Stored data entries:

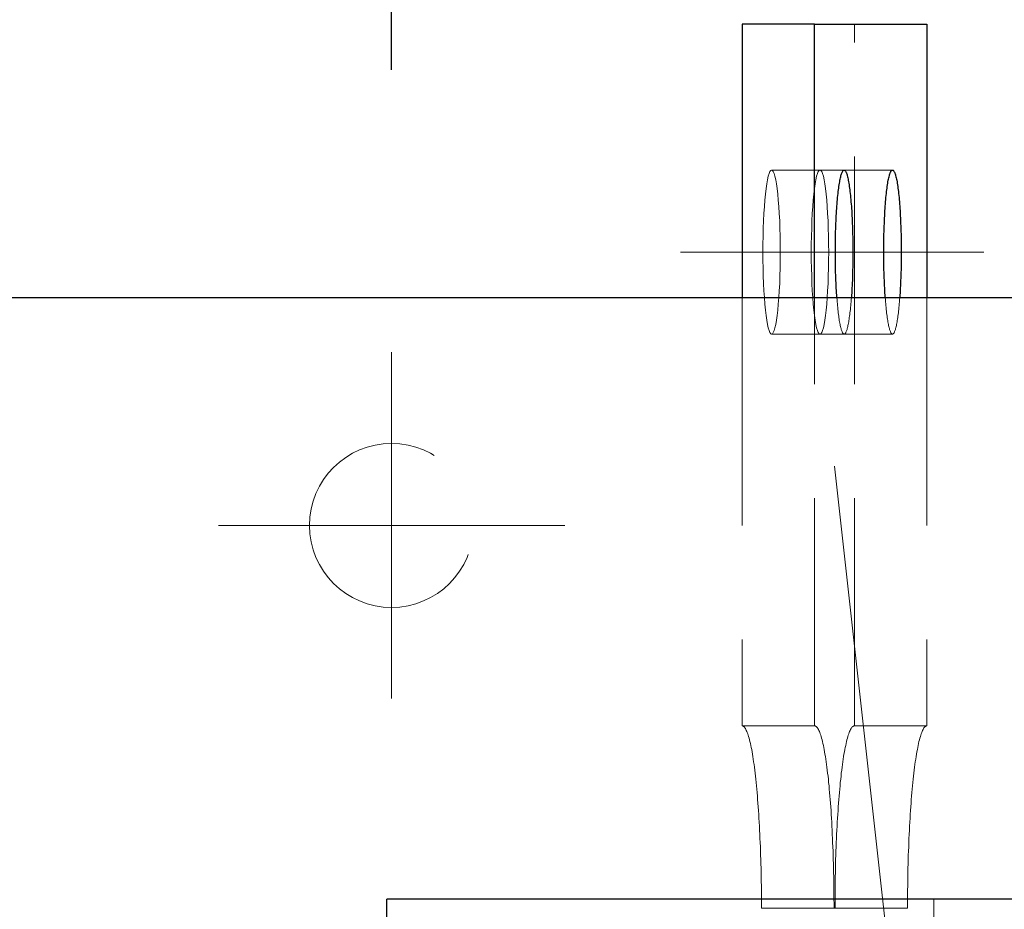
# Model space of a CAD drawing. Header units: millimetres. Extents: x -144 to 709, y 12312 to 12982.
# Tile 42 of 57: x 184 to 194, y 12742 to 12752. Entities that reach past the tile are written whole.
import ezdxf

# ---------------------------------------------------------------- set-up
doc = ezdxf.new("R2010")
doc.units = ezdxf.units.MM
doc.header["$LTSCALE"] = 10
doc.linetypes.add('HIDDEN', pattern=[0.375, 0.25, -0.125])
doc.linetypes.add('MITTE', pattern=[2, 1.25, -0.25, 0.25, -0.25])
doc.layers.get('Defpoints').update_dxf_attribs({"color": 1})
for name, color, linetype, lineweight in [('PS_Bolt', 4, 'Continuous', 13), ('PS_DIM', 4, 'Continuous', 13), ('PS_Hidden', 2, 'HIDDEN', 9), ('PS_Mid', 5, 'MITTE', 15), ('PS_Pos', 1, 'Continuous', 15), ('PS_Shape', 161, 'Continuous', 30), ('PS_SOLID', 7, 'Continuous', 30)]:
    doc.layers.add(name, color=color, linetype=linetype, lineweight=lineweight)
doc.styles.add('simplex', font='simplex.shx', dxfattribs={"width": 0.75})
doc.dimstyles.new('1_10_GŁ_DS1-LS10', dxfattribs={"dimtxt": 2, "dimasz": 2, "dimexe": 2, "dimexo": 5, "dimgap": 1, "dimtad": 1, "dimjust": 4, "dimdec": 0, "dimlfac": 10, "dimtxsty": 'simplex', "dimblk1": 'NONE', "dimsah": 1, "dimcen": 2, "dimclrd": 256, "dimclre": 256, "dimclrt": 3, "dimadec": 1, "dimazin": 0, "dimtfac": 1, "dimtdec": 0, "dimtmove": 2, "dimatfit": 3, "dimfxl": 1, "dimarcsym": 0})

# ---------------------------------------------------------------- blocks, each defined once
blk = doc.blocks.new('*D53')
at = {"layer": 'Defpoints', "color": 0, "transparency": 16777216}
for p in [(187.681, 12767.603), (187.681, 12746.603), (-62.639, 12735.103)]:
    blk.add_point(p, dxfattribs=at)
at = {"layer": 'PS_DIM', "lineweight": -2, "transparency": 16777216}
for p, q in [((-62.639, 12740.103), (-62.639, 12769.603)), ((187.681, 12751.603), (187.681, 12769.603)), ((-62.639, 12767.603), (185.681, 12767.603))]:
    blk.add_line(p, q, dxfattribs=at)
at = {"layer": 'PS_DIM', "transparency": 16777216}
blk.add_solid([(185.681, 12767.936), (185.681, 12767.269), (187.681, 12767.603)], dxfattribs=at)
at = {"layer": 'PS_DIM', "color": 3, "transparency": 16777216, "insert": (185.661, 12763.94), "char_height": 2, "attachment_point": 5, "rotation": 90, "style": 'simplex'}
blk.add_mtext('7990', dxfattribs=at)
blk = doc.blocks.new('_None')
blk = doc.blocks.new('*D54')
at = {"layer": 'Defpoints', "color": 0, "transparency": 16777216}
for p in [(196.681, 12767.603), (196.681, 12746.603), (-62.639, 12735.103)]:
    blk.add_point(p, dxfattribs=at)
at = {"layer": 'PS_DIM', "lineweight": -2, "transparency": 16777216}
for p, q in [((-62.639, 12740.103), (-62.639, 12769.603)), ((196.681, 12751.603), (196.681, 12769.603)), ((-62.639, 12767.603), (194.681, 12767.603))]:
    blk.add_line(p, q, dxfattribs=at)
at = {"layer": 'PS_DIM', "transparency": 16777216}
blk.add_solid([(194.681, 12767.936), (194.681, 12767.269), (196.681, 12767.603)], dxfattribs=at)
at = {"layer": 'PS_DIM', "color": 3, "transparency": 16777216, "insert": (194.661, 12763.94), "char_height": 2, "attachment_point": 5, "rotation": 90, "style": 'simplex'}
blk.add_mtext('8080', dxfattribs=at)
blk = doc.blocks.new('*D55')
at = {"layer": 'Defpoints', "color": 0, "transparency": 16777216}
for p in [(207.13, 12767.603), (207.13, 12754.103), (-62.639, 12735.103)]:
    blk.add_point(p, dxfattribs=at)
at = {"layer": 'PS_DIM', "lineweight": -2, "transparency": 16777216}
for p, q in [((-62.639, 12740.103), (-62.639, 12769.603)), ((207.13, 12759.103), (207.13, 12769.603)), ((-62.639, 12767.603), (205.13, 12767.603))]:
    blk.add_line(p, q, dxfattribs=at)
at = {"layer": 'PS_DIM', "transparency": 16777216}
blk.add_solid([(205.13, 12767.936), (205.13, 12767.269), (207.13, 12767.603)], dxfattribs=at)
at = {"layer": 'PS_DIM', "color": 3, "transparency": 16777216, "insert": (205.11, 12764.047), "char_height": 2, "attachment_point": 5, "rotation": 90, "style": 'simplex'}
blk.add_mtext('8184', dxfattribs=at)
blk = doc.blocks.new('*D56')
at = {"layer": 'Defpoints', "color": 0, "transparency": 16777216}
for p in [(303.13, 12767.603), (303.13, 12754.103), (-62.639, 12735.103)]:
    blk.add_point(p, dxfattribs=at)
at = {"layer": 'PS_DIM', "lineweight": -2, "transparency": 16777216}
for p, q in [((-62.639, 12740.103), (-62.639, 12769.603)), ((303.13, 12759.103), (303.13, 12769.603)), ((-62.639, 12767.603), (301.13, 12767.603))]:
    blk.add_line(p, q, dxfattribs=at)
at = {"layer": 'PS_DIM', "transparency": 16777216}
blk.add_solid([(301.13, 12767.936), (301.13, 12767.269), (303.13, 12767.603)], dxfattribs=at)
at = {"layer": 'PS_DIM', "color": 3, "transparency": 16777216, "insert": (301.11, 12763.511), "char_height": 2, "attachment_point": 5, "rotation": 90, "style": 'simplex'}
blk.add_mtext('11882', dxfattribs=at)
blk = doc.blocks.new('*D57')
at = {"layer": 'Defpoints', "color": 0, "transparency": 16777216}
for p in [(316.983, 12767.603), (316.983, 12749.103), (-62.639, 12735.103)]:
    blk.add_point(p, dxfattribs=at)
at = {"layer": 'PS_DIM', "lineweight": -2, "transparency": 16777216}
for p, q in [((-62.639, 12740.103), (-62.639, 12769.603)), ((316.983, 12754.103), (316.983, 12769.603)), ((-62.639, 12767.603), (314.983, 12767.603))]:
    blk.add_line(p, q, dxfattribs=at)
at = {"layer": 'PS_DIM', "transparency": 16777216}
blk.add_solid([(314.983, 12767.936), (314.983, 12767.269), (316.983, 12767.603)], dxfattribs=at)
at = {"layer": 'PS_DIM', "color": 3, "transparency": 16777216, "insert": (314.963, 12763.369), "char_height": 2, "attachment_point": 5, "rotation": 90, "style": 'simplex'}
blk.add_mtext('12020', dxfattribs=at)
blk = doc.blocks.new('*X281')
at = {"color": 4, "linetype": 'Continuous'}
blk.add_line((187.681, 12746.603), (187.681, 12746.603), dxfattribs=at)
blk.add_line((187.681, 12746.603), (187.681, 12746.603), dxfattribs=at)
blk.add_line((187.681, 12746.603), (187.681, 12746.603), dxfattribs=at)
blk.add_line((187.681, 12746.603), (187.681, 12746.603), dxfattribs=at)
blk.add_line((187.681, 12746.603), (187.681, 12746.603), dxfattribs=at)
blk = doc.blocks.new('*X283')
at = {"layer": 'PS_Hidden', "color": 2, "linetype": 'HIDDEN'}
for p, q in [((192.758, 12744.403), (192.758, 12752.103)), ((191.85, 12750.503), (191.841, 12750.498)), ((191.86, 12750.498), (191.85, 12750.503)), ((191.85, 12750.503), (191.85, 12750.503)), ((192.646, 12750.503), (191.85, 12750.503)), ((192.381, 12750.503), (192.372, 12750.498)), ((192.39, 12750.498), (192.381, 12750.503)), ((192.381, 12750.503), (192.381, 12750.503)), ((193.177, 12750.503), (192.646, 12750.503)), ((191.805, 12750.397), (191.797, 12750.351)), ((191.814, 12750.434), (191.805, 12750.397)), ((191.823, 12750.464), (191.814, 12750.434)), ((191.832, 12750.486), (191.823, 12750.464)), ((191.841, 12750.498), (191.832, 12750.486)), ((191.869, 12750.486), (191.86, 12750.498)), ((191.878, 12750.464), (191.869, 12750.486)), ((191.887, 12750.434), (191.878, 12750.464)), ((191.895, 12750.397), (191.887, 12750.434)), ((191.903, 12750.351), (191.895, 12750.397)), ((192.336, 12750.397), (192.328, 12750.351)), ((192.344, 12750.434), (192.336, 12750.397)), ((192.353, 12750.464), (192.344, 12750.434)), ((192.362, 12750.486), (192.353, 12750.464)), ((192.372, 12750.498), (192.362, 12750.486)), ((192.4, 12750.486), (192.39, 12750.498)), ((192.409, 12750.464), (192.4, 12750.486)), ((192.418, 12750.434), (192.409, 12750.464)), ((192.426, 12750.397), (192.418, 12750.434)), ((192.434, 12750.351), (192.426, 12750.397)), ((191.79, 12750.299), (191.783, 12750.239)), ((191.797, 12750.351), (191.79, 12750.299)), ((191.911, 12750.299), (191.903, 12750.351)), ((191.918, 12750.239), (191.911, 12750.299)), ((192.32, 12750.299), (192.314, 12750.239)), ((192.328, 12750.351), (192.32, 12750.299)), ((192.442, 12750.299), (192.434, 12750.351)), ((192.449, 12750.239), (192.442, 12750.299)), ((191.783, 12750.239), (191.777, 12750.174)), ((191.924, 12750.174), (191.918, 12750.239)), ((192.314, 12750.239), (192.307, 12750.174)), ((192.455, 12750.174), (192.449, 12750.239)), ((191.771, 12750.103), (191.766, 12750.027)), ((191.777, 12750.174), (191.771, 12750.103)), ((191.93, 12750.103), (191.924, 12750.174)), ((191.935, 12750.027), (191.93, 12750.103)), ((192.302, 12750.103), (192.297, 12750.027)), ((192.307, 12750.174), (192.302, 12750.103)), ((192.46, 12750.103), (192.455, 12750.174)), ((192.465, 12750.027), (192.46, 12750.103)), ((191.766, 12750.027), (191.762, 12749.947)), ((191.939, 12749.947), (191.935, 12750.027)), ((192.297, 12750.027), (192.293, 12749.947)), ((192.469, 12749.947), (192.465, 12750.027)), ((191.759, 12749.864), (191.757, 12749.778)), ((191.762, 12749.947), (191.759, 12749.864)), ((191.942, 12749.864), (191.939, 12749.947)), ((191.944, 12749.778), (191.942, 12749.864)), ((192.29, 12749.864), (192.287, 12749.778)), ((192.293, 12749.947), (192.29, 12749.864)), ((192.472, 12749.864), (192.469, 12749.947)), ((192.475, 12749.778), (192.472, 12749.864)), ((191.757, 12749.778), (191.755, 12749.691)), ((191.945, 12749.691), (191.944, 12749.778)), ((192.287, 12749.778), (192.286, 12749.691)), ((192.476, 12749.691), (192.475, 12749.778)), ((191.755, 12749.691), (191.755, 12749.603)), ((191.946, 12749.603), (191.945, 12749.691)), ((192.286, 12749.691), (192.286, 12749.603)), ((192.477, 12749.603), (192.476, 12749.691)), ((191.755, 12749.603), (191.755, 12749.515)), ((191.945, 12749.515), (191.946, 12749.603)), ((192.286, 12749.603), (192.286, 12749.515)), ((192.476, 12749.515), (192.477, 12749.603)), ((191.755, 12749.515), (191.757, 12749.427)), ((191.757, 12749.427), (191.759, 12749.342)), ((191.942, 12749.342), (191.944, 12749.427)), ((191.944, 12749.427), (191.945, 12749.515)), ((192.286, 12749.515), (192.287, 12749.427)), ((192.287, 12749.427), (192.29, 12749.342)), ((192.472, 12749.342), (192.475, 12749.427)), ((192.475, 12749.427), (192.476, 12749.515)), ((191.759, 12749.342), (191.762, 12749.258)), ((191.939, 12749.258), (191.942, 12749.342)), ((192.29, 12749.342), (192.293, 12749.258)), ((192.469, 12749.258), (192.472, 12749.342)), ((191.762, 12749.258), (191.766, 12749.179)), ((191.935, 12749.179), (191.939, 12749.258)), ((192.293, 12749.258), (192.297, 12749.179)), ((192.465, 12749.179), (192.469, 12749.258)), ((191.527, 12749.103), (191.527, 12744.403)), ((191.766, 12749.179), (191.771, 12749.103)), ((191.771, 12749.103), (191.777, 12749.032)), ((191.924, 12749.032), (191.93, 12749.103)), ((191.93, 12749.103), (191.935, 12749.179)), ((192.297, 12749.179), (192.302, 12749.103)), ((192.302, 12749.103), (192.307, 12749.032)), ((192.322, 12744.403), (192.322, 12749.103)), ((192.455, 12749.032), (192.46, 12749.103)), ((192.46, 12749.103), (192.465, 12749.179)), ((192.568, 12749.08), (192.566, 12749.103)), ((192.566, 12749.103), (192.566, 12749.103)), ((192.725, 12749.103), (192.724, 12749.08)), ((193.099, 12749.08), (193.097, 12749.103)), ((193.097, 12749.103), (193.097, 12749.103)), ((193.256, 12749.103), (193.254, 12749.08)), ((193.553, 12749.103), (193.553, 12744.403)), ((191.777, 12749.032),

- _Exercise description_:
If a line in the entries contains the word "Continuous", copy that line out.

- _Exercise response_:
for name, color, linetype, lineweight in [('PS_Bolt', 4, 'Continuous', 13), ('PS_DIM', 4, 'Continuous', 13), ('PS_Hidden', 2, 'HIDDEN', 9), ('PS_Mid', 5, 'MITTE', 15), ('PS_Pos', 1, 'Continuous', 15), ('PS_Shape', 161, 'Continuous', 30), ('PS_SOLID', 7, 'Continuous', 30)]:
at = {"color": 4, "linetype": 'Continuous'}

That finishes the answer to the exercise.